So, it's mid-September, and where am I at with my goal? Not even close.
I completed one round of edits on the (still) incomplete draft, and picked out problem areas that needing smoothing out. I took the draft from 111 pages to 131 pages, which isn't a whole heck of a lot, but it's still a respectable addition to the novel.
So what happened?
All the way back in May (when I was in a funk from getting rejected for multiple jobs), I decided that heck yes I was gonna finish that ever-elusive first novel! I was gonna finish it and edit the ever-loving god out of it and it was going to be spectacular. Was I possibly trying to prove to people who didn't care that I, yes I, was actually better off without working for them?
Maybe a little.
I started working nearly full-time in retail in June, and my personal life suddenly got a lot busier, and I let my project slip away. I haven't stopped thinking about it though, it's still kicking around in my head, waiting. To lay it all out, I want to talk about the challenges that made it easier for me to put off finishing the novel, because I encountered issues I hadn't realised would come up.
1) I hadn't actually read the story from beginning to end (with large plot gaps that needed filling, but regardless) until I sat down to edit it, and then suddenly all sorts of things started jumping out at me that I hadn't realised would be a problem until I did.

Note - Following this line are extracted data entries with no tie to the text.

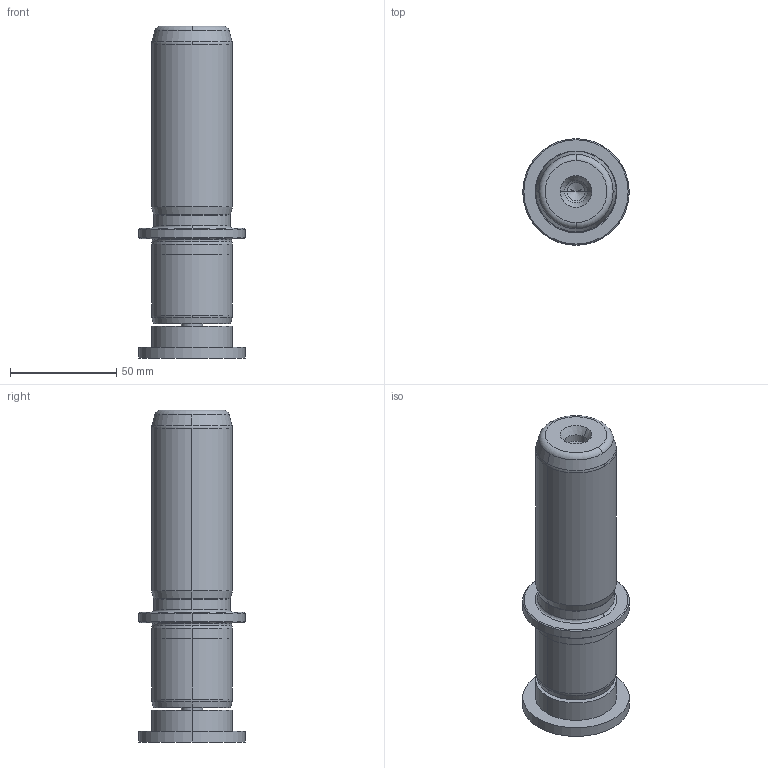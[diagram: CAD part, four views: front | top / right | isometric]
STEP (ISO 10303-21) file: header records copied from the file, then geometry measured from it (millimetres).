
FILE_DESCRIPTION((''),'2;1');
FILE_NAME('P22_038_100.stp','2009-02-16T09:13:41',(''),(''),'Mechanical Desktop 2009','Mechanical Desktop 2009',', , ');
FILE_SCHEMA(('CONFIG_CONTROL_DESIGN'));
Length unit declared in the file: millimetre
Products named in the file (2): Product; blmdl1
Assembly tree (1 placements, depth 2):
  Product
    blmdl1
Bounding box: 50 x 50 x 156 mm (x, y, z)
Volume: 178232.1 mm3; surface area: 30179.9 mm2
Topology: 3 solids, 3 shells, 99 faces, 237 edges, 149 vertices
Faces by surface type: cylinder 32, cone 28, plane 19, torus 10, bspline 10
Entity records: 3419 total; most frequent: CARTESIAN_POINT 923, DIRECTION 570, ORIENTED_EDGE 466, AXIS2_PLACEMENT_3D 246, EDGE_CURVE 233, CIRCLE 155, VERTEX_POINT 149, EDGE_LOOP 110
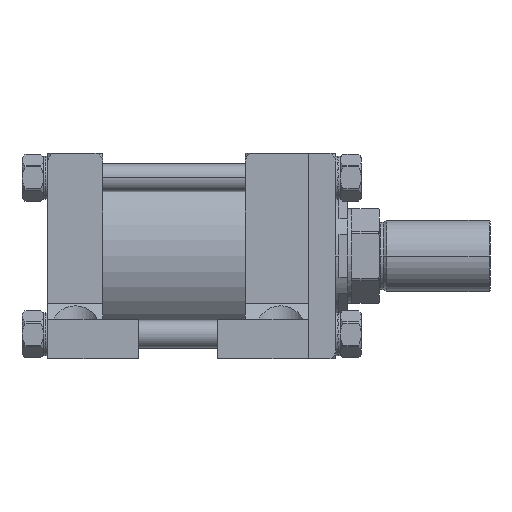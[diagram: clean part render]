
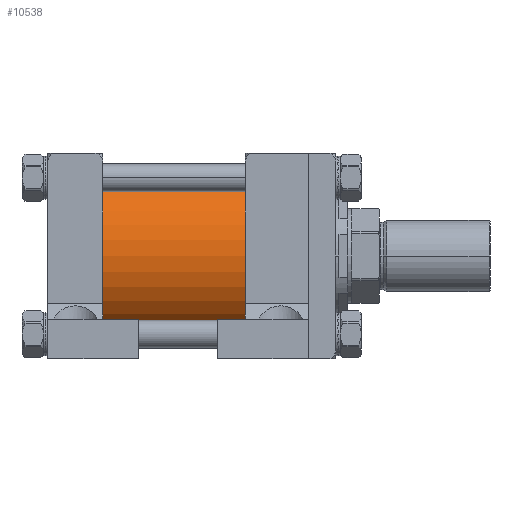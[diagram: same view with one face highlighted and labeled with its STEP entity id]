
A CAD part, front view. The second image highlights one B-rep face of the part: STEP entity #10538.
In plain terms, the highlighted cylindrical face has radius 73.025 mm (diameter 146.05 mm), a partial arc.
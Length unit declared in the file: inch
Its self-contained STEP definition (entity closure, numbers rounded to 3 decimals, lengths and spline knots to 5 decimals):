
#483 = EDGE_CURVE ( 'NONE', #10767, #13479, #34065, .T. ) ;
#2879 = VERTEX_POINT ( 'NONE', #13763 ) ;
#4658 = DIRECTION ( 'NONE',  ( 1., 0., 0. ) ) ;
#7996 = LINE ( 'NONE', #36790, #46773 ) ;
#8616 = DIRECTION ( 'NONE',  ( 1., 0., 0. ) ) ;
#10538 = ADVANCED_FACE ( 'NONE', ( #16763 ), #12078, .T. ) ;
#10767 = VERTEX_POINT ( 'NONE', #32955 ) ;
#11977 = ORIENTED_EDGE ( 'NONE', *, *, #61762, .T. ) ;
#12078 = CYLINDRICAL_SURFACE ( 'NONE', #34808, 2.875 ) ;
#13181 = CARTESIAN_POINT ( 'NONE',  ( -9., 0., -2.875 ) ) ;
#13479 = VERTEX_POINT ( 'NONE', #61070 ) ;
#13763 = CARTESIAN_POINT ( 'NONE',  ( -4., 0., -2.875 ) ) ;
#16763 = FACE_OUTER_BOUND ( 'NONE', #58441, .T. ) ;
#19120 = DIRECTION ( 'NONE',  ( 1., 0., 0. ) ) ;
#19834 = AXIS2_PLACEMENT_3D ( 'NONE', #47824, #4658, #53510 ) ;
#21776 = DIRECTION ( 'NONE',  ( 1., 0., 0. ) ) ;
#27285 = LINE ( 'NONE', #13181, #60180 ) ;
#32955 = CARTESIAN_POINT ( 'NONE',  ( -9., 0., 2.875 ) ) ;
#33022 = DIRECTION ( 'NONE',  ( 0., 0., -1. ) ) ;
#34065 = CIRCLE ( 'NONE', #53075, 2.875 ) ;
#34808 = AXIS2_PLACEMENT_3D ( 'NONE', #45565, #21776, #33022 ) ;
#36790 = CARTESIAN_POINT ( 'NONE',  ( -9., 0., 2.875 ) ) ;
#42325 = DIRECTION ( 'NONE',  ( 1., 0., 0. ) ) ;
#43834 = CARTESIAN_POINT ( 'NONE',  ( -9., 0., 0. ) ) ;
#45565 = CARTESIAN_POINT ( 'NONE',  ( -9., 0., 0. ) ) ;
#46773 = VECTOR ( 'NONE', #8616, 39.37008 ) ;
#46923 = VERTEX_POINT ( 'NONE', #52453 ) ;
#47824 = CARTESIAN_POINT ( 'NONE',  ( -4., 0., 0. ) ) ;
#50330 = EDGE_CURVE ( 'NONE', #46923, #2879, #53810, .T. ) ;
#52453 = CARTESIAN_POINT ( 'NONE',  ( -4., 0., 2.875 ) ) ;
#52523 = EDGE_CURVE ( 'NONE', #10767, #46923, #7996, .T. ) ;
#53075 = AXIS2_PLACEMENT_3D ( 'NONE', #43834, #19120, #58639 ) ;
#53510 = DIRECTION ( 'NONE',  ( 0., 1., 0. ) ) ;
#53810 = CIRCLE ( 'NONE', #19834, 2.875 ) ;
#54289 = ORIENTED_EDGE ( 'NONE', *, *, #52523, .F. ) ;
#58441 = EDGE_LOOP ( 'NONE', ( #54289, #60411, #11977, #59467 ) ) ;
#58639 = DIRECTION ( 'NONE',  ( 0., 1., 0. ) ) ;
#59467 = ORIENTED_EDGE ( 'NONE', *, *, #50330, .F. ) ;
#60180 = VECTOR ( 'NONE', #42325, 39.37008 ) ;
#60411 = ORIENTED_EDGE ( 'NONE', *, *, #483, .T. ) ;
#61070 = CARTESIAN_POINT ( 'NONE',  ( -9., 0., -2.875 ) ) ;
#61762 = EDGE_CURVE ( 'NONE', #13479, #2879, #27285, .T. ) ;
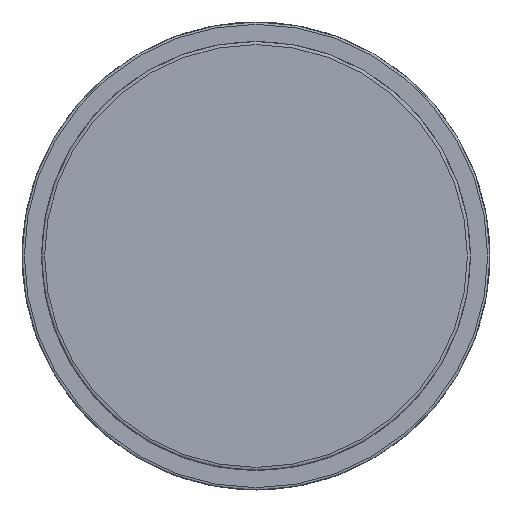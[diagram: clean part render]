
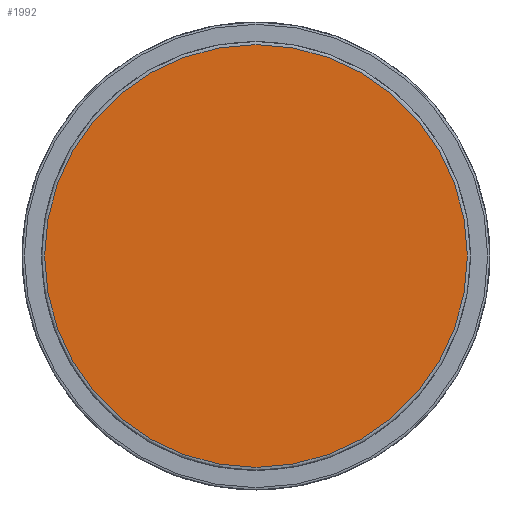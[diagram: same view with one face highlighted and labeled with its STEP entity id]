
A CAD part, left-side view. The second image highlights one B-rep face of the part: STEP entity #1992.
In plain terms, the highlighted planar face has unit normal (-1, 0, 0).
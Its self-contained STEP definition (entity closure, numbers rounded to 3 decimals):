
#1967=CARTESIAN_POINT('',(-526.608,-554.11,66.022));
#1968=DIRECTION('',(-1.0,0.0,0.0));
#1969=DIRECTION('',(0.0,1.0,0.0));
#1970=AXIS2_PLACEMENT_3D('',#1967,#1968,#1969);
#1971=PLANE('',#1970);
#1972=CARTESIAN_POINT('',(-526.608,-433.909,0.022));
#1973=VERTEX_POINT('',#1972);
#1974=CARTESIAN_POINT('',(-526.608,-542.309,0.022));
#1975=VERTEX_POINT('',#1974);
#1976=CARTESIAN_POINT('',(-526.608,-488.109,0.022));
#1977=DIRECTION('',(-1.0,0.0,0.0));
#1978=DIRECTION('',(0.0,1.0,0.0));
#1979=AXIS2_PLACEMENT_3D('',#1976,#1977,#1978);
#1980=CIRCLE('',#1979,54.2);
#1981=EDGE_CURVE('',#1973,#1975,#1980,.T.);
#1982=ORIENTED_EDGE('',*,*,#1981,.T.);
#1983=CARTESIAN_POINT('',(-526.608,-488.109,0.022));
#1984=DIRECTION('',(-1.0,0.0,0.0));
#1985=DIRECTION('',(0.0,1.0,0.0));
#1986=AXIS2_PLACEMENT_3D('',#1983,#1984,#1985);
#1987=CIRCLE('',#1986,54.2);
#1988=EDGE_CURVE('',#1975,#1973,#1987,.T.);
#1989=ORIENTED_EDGE('',*,*,#1988,.T.);
#1990=EDGE_LOOP('',(#1982,#1989));
#1991=FACE_OUTER_BOUND('',#1990,.T.);
#1992=ADVANCED_FACE('',(#1991),#1971,.T.);

Obviously, this is supposed to happen, but having all of these problematic things appear on top of trying to fill in narrative gaps was overwhelming. I tried to edit and write at the same time, which everyone will tell you, is one of the worst possible things you can try and do.
2) I started over thinking elements of the story. This ties back into the editing/writing at the same time issue, but it's slightly different. I began to mentally question every facet of the story, from characters to events to overarching themes and then became stuck in a quagmire of doubt and half-baked ideas that didn't amount to much. I lost the over-arching idea of what I wanted to accomplish trying to wade out of the mess I'd created.
3) The reason there had been narrative gaps in the first place were because I hadn't wanted to write the (necessary but slow) scenes in between the exciting drama scenes. The scenes weren't shiny and sexy, but they were important, so I did my best to slog through them, and along the way made them interesting in their own way. I still haven't finished filling in the narrative gaps as we speak, but I want to keep tackling them until I am satisfied with them and sure they won't put people to sleep.
4) I started flirting with other ideas, for other narratives that were new and sparkly and had promises of being easy and fun to write that made my current project seem....dull. As you shouldn't cheat on relationships, cheating on writing projects is equally as terrible an idea.
So what's next?
Well, I haven't given up. I'm still going to put in time to finish this novel. I'm not putting a date on it though, because deadlines I set myself don't actually do much to motivate me. I'm also going to attempt NaNoWriMo again this year in November, (with a shiny new plot), to get myself back into a writing groove. I'm going to keep writing blog posts of random things that occur to me, and I'm going to keep writing.
Because if nothing else, I will always be a writer, even if I'm not an author.